ASSIGNMENT:
Go through the records and give each one again exactly.

Source data:
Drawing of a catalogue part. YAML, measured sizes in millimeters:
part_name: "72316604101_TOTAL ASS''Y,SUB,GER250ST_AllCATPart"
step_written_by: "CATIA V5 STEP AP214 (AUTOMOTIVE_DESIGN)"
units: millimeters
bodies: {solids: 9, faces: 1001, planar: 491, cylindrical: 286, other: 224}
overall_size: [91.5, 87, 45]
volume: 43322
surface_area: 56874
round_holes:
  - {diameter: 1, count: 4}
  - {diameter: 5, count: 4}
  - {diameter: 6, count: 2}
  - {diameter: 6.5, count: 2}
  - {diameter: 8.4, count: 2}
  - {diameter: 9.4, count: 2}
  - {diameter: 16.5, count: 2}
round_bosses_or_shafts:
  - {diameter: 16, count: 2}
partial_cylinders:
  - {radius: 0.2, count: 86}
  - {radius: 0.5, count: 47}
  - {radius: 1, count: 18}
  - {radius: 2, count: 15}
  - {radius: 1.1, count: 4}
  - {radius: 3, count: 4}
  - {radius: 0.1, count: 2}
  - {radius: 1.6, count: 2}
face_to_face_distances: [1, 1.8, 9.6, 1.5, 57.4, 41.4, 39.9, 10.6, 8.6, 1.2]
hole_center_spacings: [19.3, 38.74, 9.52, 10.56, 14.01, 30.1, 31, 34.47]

EXPECTED ANSWER:
Drawing of a catalogue part. YAML, measured sizes in millimeters:
part_name: "72316604101_TOTAL ASS''Y,SUB,GER250ST_AllCATPart"
step_written_by: "CATIA V5 STEP AP214 (AUTOMOTIVE_DESIGN)"
units: millimeters
bodies: {solids: 9, faces: 1001, planar: 491, cylindrical: 286, other: 224}
overall_size: [91.5, 87, 45]
volume: 43322
surface_area: 56874
round_holes:
  - {diameter: 1, count: 4}
  - {diameter: 5, count: 4}
  - {diameter: 6, count: 2}
  - {diameter: 6.5, count: 2}
  - {diameter: 8.4, count: 2}
  - {diameter: 9.4, count: 2}
  - {diameter: 16.5, count: 2}
round_bosses_or_shafts:
  - {diameter: 16, count: 2}
partial_cylinders:
  - {radius: 0.2, count: 86}
  - {radius: 0.5, count: 47}
  - {radius: 1, count: 18}
  - {radius: 2, count: 15}
  - {radius: 1.1, count: 4}
  - {radius: 3, count: 4}
  - {radius: 0.1, count: 2}
  - {radius: 1.6, count: 2}
face_to_face_distances: [1, 1.8, 9.6, 1.5, 57.4, 41.4, 39.9, 10.6, 8.6, 1.2]
hole_center_spacings: [19.3, 38.74, 9.52, 10.56, 14.01, 30.1, 31, 34.47]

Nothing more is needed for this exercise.